Relation between the unbinding force and the number of ruptured bonds
When multiple peaks are observed in a force histogram, they are usually attributed to the rupture of more than one single complex present within the contact area of the AFM probe and the surface. Thus, the first peak corresponds to the unbinding event involving the rupture of one single complex; the second one is related to the simultaneous unbinding of two single complexes (thus, the force value at the second maximum is doubled), etc. Such force histogram can be translated into the relationship of the unbinding force determined for each consecutive peak and the peak number (i.e., number of ruptured single complexes), and the linear dependence is expected if only one type of interaction is present (Fig. 5.21). The peak number is equal to the number of ruptured single complexes when the center of the first force peak agrees with the force value obtained from the slope. The unbinding force for a given individual lectin-glycan complex, i.e., ConA-mannose-type glycans, determined from the slope of the fitted line, was of 105 ± 15 pN. This value is in agreement with those obtained to unbinding ConA from the same glycan type probed on the prostate cells (115 ± 72 pN) . Therefore, the position of the first peak (~200 pN) can be attributed to the simultaneous rupture of two single complexes, which was confirmed by the large number of mannose-type glycans.

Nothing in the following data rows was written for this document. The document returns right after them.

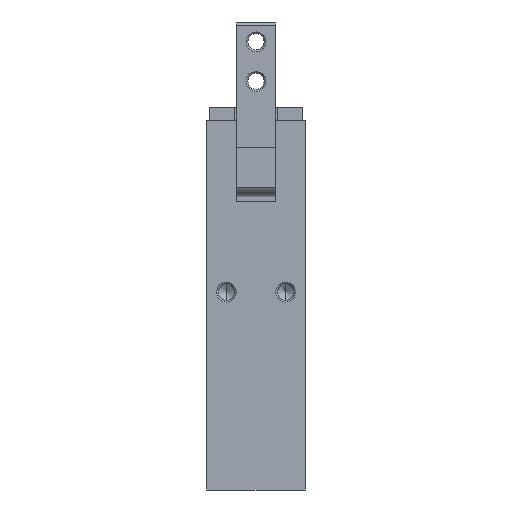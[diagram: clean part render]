
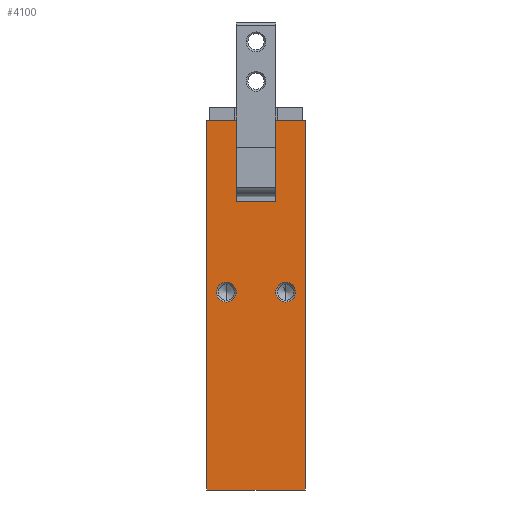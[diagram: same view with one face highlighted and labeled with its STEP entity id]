
A CAD part, left-side view. The second image highlights one B-rep face of the part: STEP entity #4100.
In plain terms, the highlighted planar face has unit normal (-1, 0, 0).
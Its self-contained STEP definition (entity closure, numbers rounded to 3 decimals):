
#48 = EDGE_CURVE ( 'NONE', #4545, #2881, #5701, .T. ) ;
#76 = DIRECTION ( 'NONE',  ( 1., 0., 0. ) ) ;
#99 = DIRECTION ( 'NONE',  ( 0., -1., 0. ) ) ;
#134 = PLANE ( 'NONE',  #2067 ) ;
#166 = DIRECTION ( 'NONE',  ( 0., 0., 1. ) ) ;
#191 = CARTESIAN_POINT ( 'NONE',  ( -15., 7.5, 56. ) ) ;
#263 = FACE_BOUND ( 'NONE', #4707, .T. ) ;
#268 = EDGE_CURVE ( 'NONE', #2886, #6710, #704, .T. ) ;
#325 = EDGE_LOOP ( 'NONE', ( #3635, #2567, #5368, #2696, #4849, #6070, #6712, #2551 ) ) ;
#407 = VERTEX_POINT ( 'NONE', #2437 ) ;
#421 = EDGE_LOOP ( 'NONE', ( #3004, #5850 ) ) ;
#478 = EDGE_CURVE ( 'NONE', #1718, #6387, #4469, .T. ) ;
#597 = DIRECTION ( 'NONE',  ( 0., 0., -1. ) ) ;
#599 = DIRECTION ( 'NONE',  ( 0., 0., -1. ) ) ;
#611 = VECTOR ( 'NONE', #166, 1000. ) ;
#659 = VECTOR ( 'NONE', #99, 1000. ) ;
#704 = LINE ( 'NONE', #5312, #611 ) ;
#720 = CARTESIAN_POINT ( 'NONE',  ( -15., 7.5, 56. ) ) ;
#822 = CARTESIAN_POINT ( 'NONE',  ( -15., -4.5, 31.5 ) ) ;
#858 = AXIS2_PLACEMENT_3D ( 'NONE', #1661, #76, #597 ) ;
#876 = DIRECTION ( 'NONE',  ( 0., 0., -1. ) ) ;
#931 = VECTOR ( 'NONE', #5309, 1000. ) ;
#1139 = VERTEX_POINT ( 'NONE', #5112 ) ;
#1240 = DIRECTION ( 'NONE',  ( 1., 0., 0. ) ) ;
#1257 = LINE ( 'NONE', #4760, #2878 ) ;
#1274 = CARTESIAN_POINT ( 'NONE',  ( -15., 3., 43.8 ) ) ;
#1340 = CIRCLE ( 'NONE', #3382, 1.5 ) ;
#1426 = VECTOR ( 'NONE', #3611, 1000. ) ;
#1438 = VECTOR ( 'NONE', #5274, 1000. ) ;
#1457 = VERTEX_POINT ( 'NONE', #5148 ) ;
#1590 = DIRECTION ( 'NONE',  ( 1., 0., 0. ) ) ;
#1661 = CARTESIAN_POINT ( 'NONE',  ( -15., -4.5, 30. ) ) ;
#1711 = DIRECTION ( 'NONE',  ( 0., -1., 0. ) ) ;
#1718 = VERTEX_POINT ( 'NONE', #3703 ) ;
#1796 = CARTESIAN_POINT ( 'NONE',  ( -15., 4.5, 30. ) ) ;
#2067 = AXIS2_PLACEMENT_3D ( 'NONE', #720, #1240, #4842 ) ;
#2148 = CARTESIAN_POINT ( 'NONE',  ( -15., -3., 43.8 ) ) ;
#2241 = CARTESIAN_POINT ( 'NONE',  ( -15., -7.5, 0. ) ) ;
#2278 = EDGE_CURVE ( 'NONE', #1139, #2886, #4154, .T. ) ;
#2300 = VERTEX_POINT ( 'NONE', #2671 ) ;
#2302 = AXIS2_PLACEMENT_3D ( 'NONE', #1796, #5426, #5392 ) ;
#2437 = CARTESIAN_POINT ( 'NONE',  ( -15., 7.5, 0. ) ) ;
#2504 = CARTESIAN_POINT ( 'NONE',  ( -15., -4.5, 28.5 ) ) ;
#2551 = ORIENTED_EDGE ( 'NONE', *, *, #4019, .F. ) ;
#2567 = ORIENTED_EDGE ( 'NONE', *, *, #2278, .T. ) ;
#2671 = CARTESIAN_POINT ( 'NONE',  ( -15., 4.5, 28.5 ) ) ;
#2696 = ORIENTED_EDGE ( 'NONE', *, *, #6294, .F. ) ;
#2725 = LINE ( 'NONE', #6045, #6350 ) ;
#2878 = VECTOR ( 'NONE', #1711, 1000. ) ;
#2881 = VERTEX_POINT ( 'NONE', #822 ) ;
#2886 = VERTEX_POINT ( 'NONE', #1274 ) ;
#3004 = ORIENTED_EDGE ( 'NONE', *, *, #6704, .T. ) ;
#3020 = ORIENTED_EDGE ( 'NONE', *, *, #3313, .T. ) ;
#3313 = EDGE_CURVE ( 'NONE', #2881, #4545, #1340, .T. ) ;
#3328 = DIRECTION ( 'NONE',  ( 1., 0., 0. ) ) ;
#3333 = CARTESIAN_POINT ( 'NONE',  ( -15., 7.5, 56. ) ) ;
#3377 = LINE ( 'NONE', #191, #931 ) ;
#3382 = AXIS2_PLACEMENT_3D ( 'NONE', #3767, #3328, #6385 ) ;
#3611 = DIRECTION ( 'NONE',  ( 0., 0., -1. ) ) ;
#3618 = CARTESIAN_POINT ( 'NONE',  ( -15., 4.5, 31.5 ) ) ;
#3635 = ORIENTED_EDGE ( 'NONE', *, *, #5897, .T. ) ;
#3703 = CARTESIAN_POINT ( 'NONE',  ( -15., -7.5, 56. ) ) ;
#3733 = FACE_OUTER_BOUND ( 'NONE', #325, .T. ) ;
#3747 = DIRECTION ( 'NONE',  ( 0., 0., -1. ) ) ;
#3767 = CARTESIAN_POINT ( 'NONE',  ( -15., -4.5, 30. ) ) ;
#3925 = EDGE_CURVE ( 'NONE', #2300, #5795, #5760, .T. ) ;
#4019 = EDGE_CURVE ( 'NONE', #1457, #1718, #6413, .T. ) ;
#4100 = ADVANCED_FACE ( 'NONE', ( #3733, #263, #5269 ), #134, .F. ) ;
#4154 = LINE ( 'NONE', #2148, #1438 ) ;
#4469 = LINE ( 'NONE', #4995, #1426 ) ;
#4545 = VERTEX_POINT ( 'NONE', #2504 ) ;
#4707 = EDGE_LOOP ( 'NONE', ( #3020, #5215 ) ) ;
#4760 = CARTESIAN_POINT ( 'NONE',  ( -15., 7.5, 0. ) ) ;
#4842 = DIRECTION ( 'NONE',  ( 0., 1., 0. ) ) ;
#4849 = ORIENTED_EDGE ( 'NONE', *, *, #5169, .T. ) ;
#4865 = AXIS2_PLACEMENT_3D ( 'NONE', #6254, #1590, #599 ) ;
#4906 = CARTESIAN_POINT ( 'NONE',  ( -15., 3., 56. ) ) ;
#4995 = CARTESIAN_POINT ( 'NONE',  ( -15., -7.5, 56. ) ) ;
#5112 = CARTESIAN_POINT ( 'NONE',  ( -15., -3., 43.8 ) ) ;
#5148 = CARTESIAN_POINT ( 'NONE',  ( -15., -3., 56. ) ) ;
#5169 = EDGE_CURVE ( 'NONE', #6455, #407, #2725, .T. ) ;
#5215 = ORIENTED_EDGE ( 'NONE', *, *, #48, .T. ) ;
#5269 = FACE_BOUND ( 'NONE', #421, .T. ) ;
#5274 = DIRECTION ( 'NONE',  ( 0., 1., 0. ) ) ;
#5283 = CARTESIAN_POINT ( 'NONE',  ( -15., -3., 56. ) ) ;
#5305 = CIRCLE ( 'NONE', #2302, 1.5 ) ;
#5309 = DIRECTION ( 'NONE',  ( 0., -1., 0. ) ) ;
#5312 = CARTESIAN_POINT ( 'NONE',  ( -15., 3., 43.8 ) ) ;
#5368 = ORIENTED_EDGE ( 'NONE', *, *, #268, .T. ) ;
#5392 = DIRECTION ( 'NONE',  ( 0., 0., -1. ) ) ;
#5426 = DIRECTION ( 'NONE',  ( 1., 0., 0. ) ) ;
#5486 = EDGE_CURVE ( 'NONE', #407, #6387, #1257, .T. ) ;
#5701 = CIRCLE ( 'NONE', #858, 1.5 ) ;
#5760 = CIRCLE ( 'NONE', #4865, 1.5 ) ;
#5781 = LINE ( 'NONE', #5283, #6339 ) ;
#5795 = VERTEX_POINT ( 'NONE', #3618 ) ;
#5850 = ORIENTED_EDGE ( 'NONE', *, *, #3925, .T. ) ;
#5897 = EDGE_CURVE ( 'NONE', #1457, #1139, #5781, .T. ) ;
#6045 = CARTESIAN_POINT ( 'NONE',  ( -15., 7.5, 56. ) ) ;
#6070 = ORIENTED_EDGE ( 'NONE', *, *, #5486, .T. ) ;
#6254 = CARTESIAN_POINT ( 'NONE',  ( -15., 4.5, 30. ) ) ;
#6294 = EDGE_CURVE ( 'NONE', #6455, #6710, #3377, .T. ) ;
#6339 = VECTOR ( 'NONE', #3747, 1000. ) ;
#6350 = VECTOR ( 'NONE', #876, 1000. ) ;
#6385 = DIRECTION ( 'NONE',  ( 0., 0., -1. ) ) ;
#6387 = VERTEX_POINT ( 'NONE', #2241 ) ;
#6393 = CARTESIAN_POINT ( 'NONE',  ( -15., 7.5, 56. ) ) ;
#6413 = LINE ( 'NONE', #6393, #659 ) ;
#6455 = VERTEX_POINT ( 'NONE', #3333 ) ;
#6704 = EDGE_CURVE ( 'NONE', #5795, #2300, #5305, .T. ) ;
#6710 = VERTEX_POINT ( 'NONE', #4906 ) ;
#6712 = ORIENTED_EDGE ( 'NONE', *, *, #478, .F. ) ;

Figure 5.21 Linear regression fitted to the unbinding force as a function of the number of succeeding peaks observed in the histogram (Fig. 5.20b) obtained for melanoma WM35 cells probed with lectin ConA. Data points correspond to centers of Gaussians fitted to each single peak present in force histogram while error bars represent their standard deviations. The 95% confidence bands are marked as grey lines. Reprinted with permission from .
In order to statistically evaluate the obtained differences between cell lines, for each fitted line the confidence bands of 95% were calculated. They estimate the certainty of the shape of the fitted line and the assumed confidence level implies a 95% chance that the true regression line fits within these bands (grey lines in Fig. 5.21). This approach works reasonably well when the regression curve is calculated basing on more points, which in our studies corresponds to cases where histograms were composed of five maxima.